> Exercise prompt: Every record should be copied exactly, and the images omitted.

[Recorded data]
——————

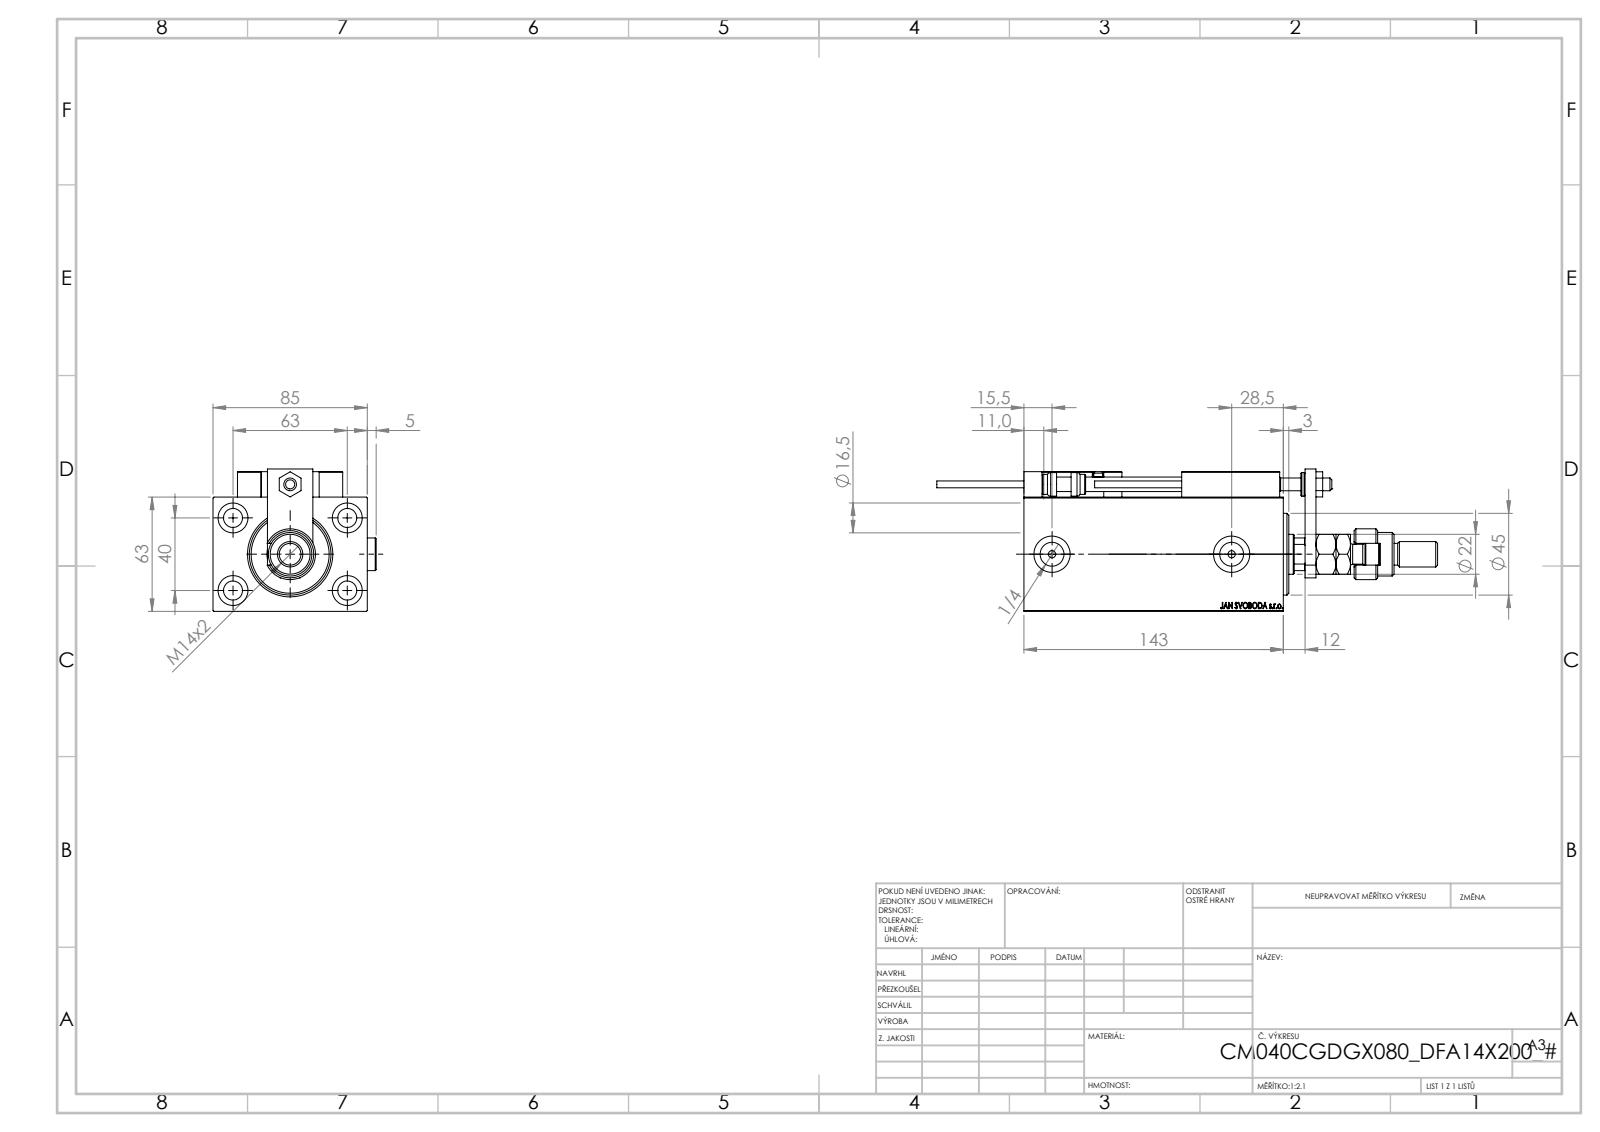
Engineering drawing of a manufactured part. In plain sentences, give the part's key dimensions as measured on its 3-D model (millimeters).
The part is named "ALLEN BOLT D8; SWITCH X; KONCOVKA; MAGNET (+7 more)". Its 3-D file was written by "SolidWorks 2019 (CONFIG_CONTROL_DESIGN)". It is 27 solids with 1421 faces: 622 planar, 217 cylindrical and 582 other. Overall it measures 276 by 89.9 by 78.5 millimeters. Its volume is 707 754 cubic millimeters and its surface area 148 325 square millimeters. Round holes: 6 of diameter 4, 5 of diameter 8, 5 of diameter 16.5, 4 of diameter 3.2, 4 of diameter 10.5, 2 of diameter 5, 2 of diameter 13.16, 2 of diameter 20, 1 of diameter 7, 1 of diameter 12.5, 1 of diameter 22, 1 of diameter 25.5. Round bosses or shafts: 3 of diameter 18, 2 of diameter 11, 2 of diameter 5, 2 of diameter 3.8, 1 of diameter 28, 1 of diameter 24, 1 of diameter 14, 1 of diameter 13. Partial cylindrical surfaces (rounded edges, fillets, slot ends): 30 of radius 0.3, 2 of radius 3, 1 of radius 9.75, 1 of radius 10.5. The main face-to-face distances are 63, 85, 12, 131, 143, 14, 77, 30, 18, 6. The hole center spacings are 37.31, 11.37, 20, 29.59, 29.69, 36.06, 36.53, 40.
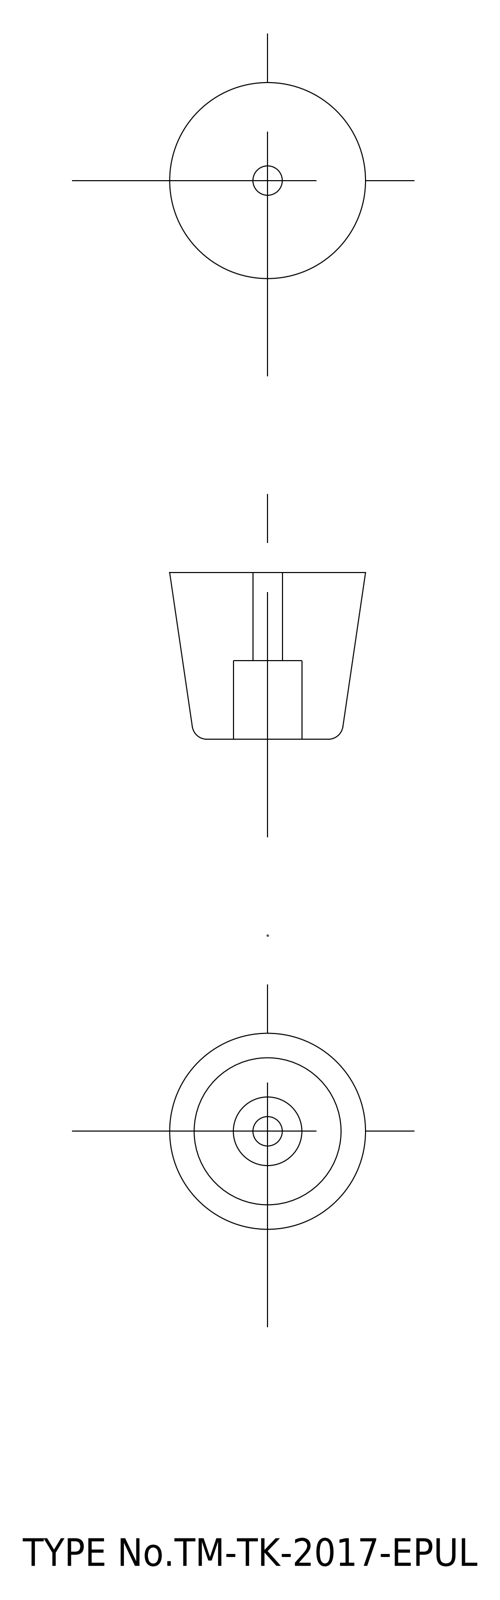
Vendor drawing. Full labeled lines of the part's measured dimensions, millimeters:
Part name (STEP PRODUCT): washer; rubber foot
STEP written by: spGate 15.6.1 (AUTOMOTIVE_DESIGN)
Units: millimetres
Bodies: 2 solids, 23 faces (7 planar, 12 cylindrical, 4 other)
Overall size (bounding box): 20 × 20 × 17
Volume: 3 738 mm³ · Surface area: 1 859 mm²
Round holes (diameter × count): ⌀3 ×1, ⌀3.5 ×1, ⌀7 ×1, ⌀9 ×1
Main face-to-face distances: 8.5, 17, 8, 0.5, 9
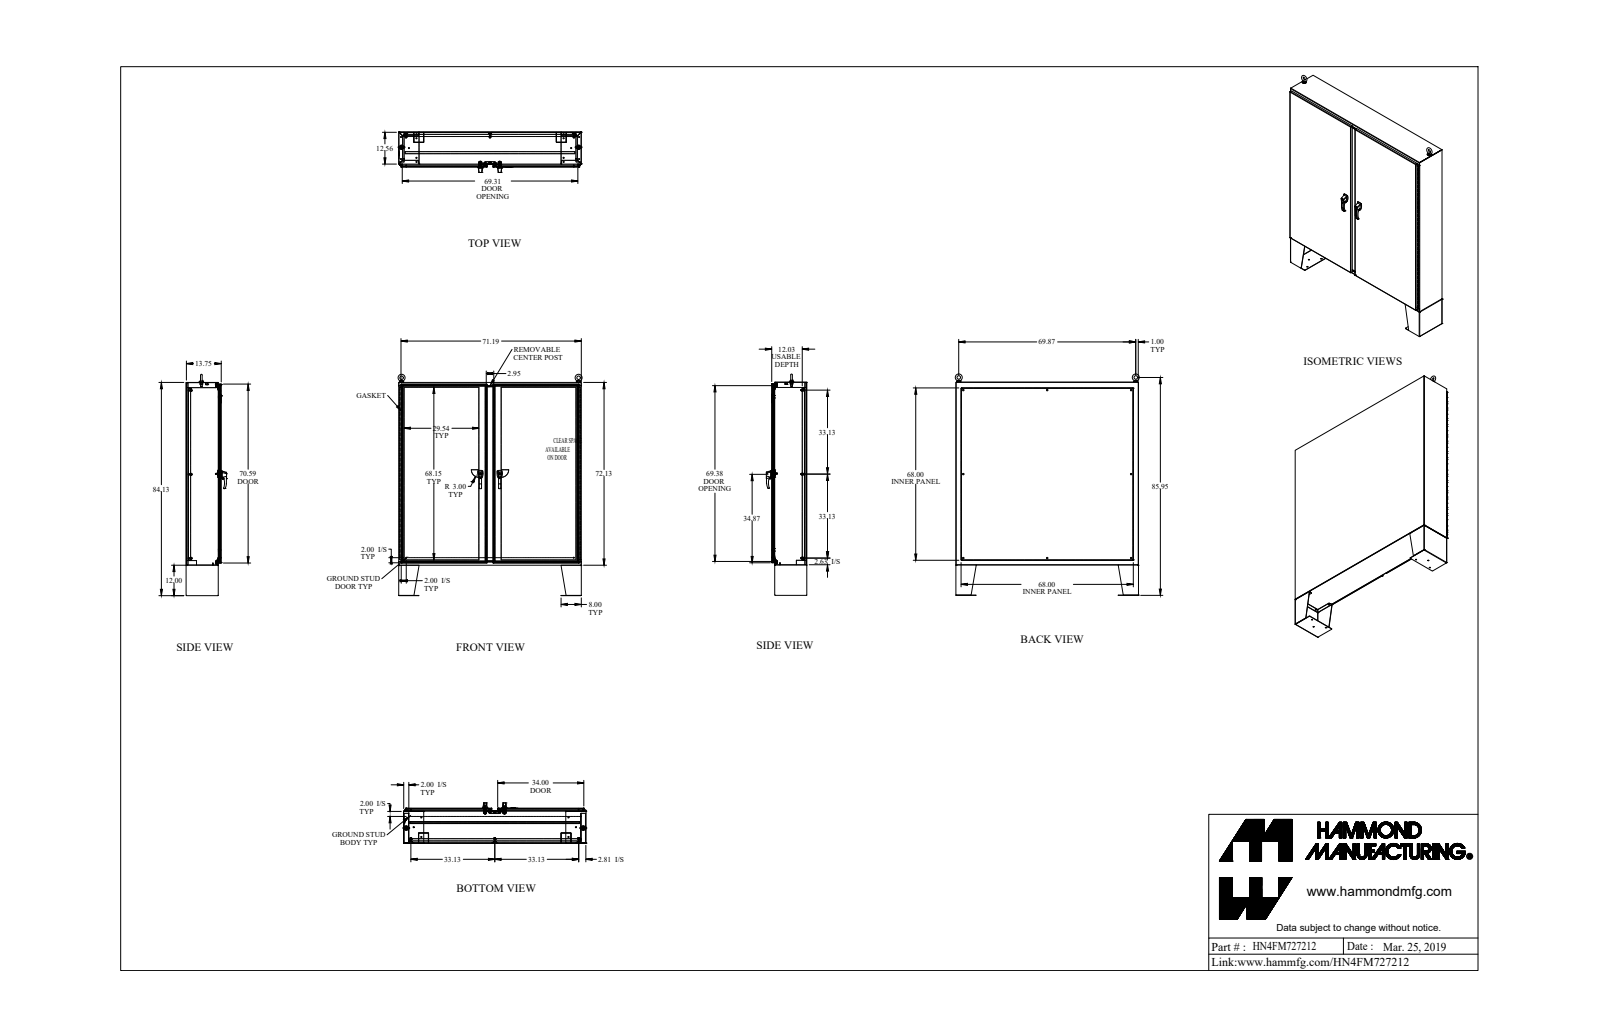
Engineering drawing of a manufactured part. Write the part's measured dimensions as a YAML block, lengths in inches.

——————

> Solution:
Engineering drawing of a manufactured part. In plain sentences, give the part's key dimensions as measured on its 3-D model (millimeters).
The part is named "ALLEN BOLT D8; SWITCH X; KONCOVKA; MAGNET (+7 more)". Its 3-D file was written by "SolidWorks 2019 (CONFIG_CONTROL_DESIGN)". It is 27 solids with 1421 faces: 622 planar, 217 cylindrical and 582 other. Overall it measures 276 by 89.9 by 78.5 millimeters. Its volume is 707 754 cubic millimeters and its surface area 148 325 square millimeters. Round holes: 6 of diameter 4, 5 of diameter 8, 5 of diameter 16.5, 4 of diameter 3.2, 4 of diameter 10.5, 2 of diameter 5, 2 of diameter 13.16, 2 of diameter 20, 1 of diameter 7, 1 of diameter 12.5, 1 of diameter 22, 1 of diameter 25.5. Round bosses or shafts: 3 of diameter 18, 2 of diameter 11, 2 of diameter 5, 2 of diameter 3.8, 1 of diameter 28, 1 of diameter 24, 1 of diameter 14, 1 of diameter 13. Partial cylindrical surfaces (rounded edges, fillets, slot ends): 30 of radius 0.3, 2 of radius 3, 1 of radius 9.75, 1 of radius 10.5. The main face-to-face distances are 63, 85, 12, 131, 143, 14, 77, 30, 18, 6. The hole center spacings are 37.31, 11.37, 20, 29.59, 29.69, 36.06, 36.53, 40.
Vendor drawing. Full labeled lines of the part's measured dimensions, millimeters:
Part name (STEP PRODUCT): washer; rubber foot
STEP written by: spGate 15.6.1 (AUTOMOTIVE_DESIGN)
Units: millimetres
Bodies: 2 solids, 23 faces (7 planar, 12 cylindrical, 4 other)
Overall size (bounding box): 20 × 20 × 17
Volume: 3 738 mm³ · Surface area: 1 859 mm²
Round holes (diameter × count): ⌀3 ×1, ⌀3.5 ×1, ⌀7 ×1, ⌀9 ×1
Main face-to-face distances: 8.5, 17, 8, 0.5, 9
Engineering drawing of a manufactured part. Write the part's measured dimensions as a YAML block, lengths in inches.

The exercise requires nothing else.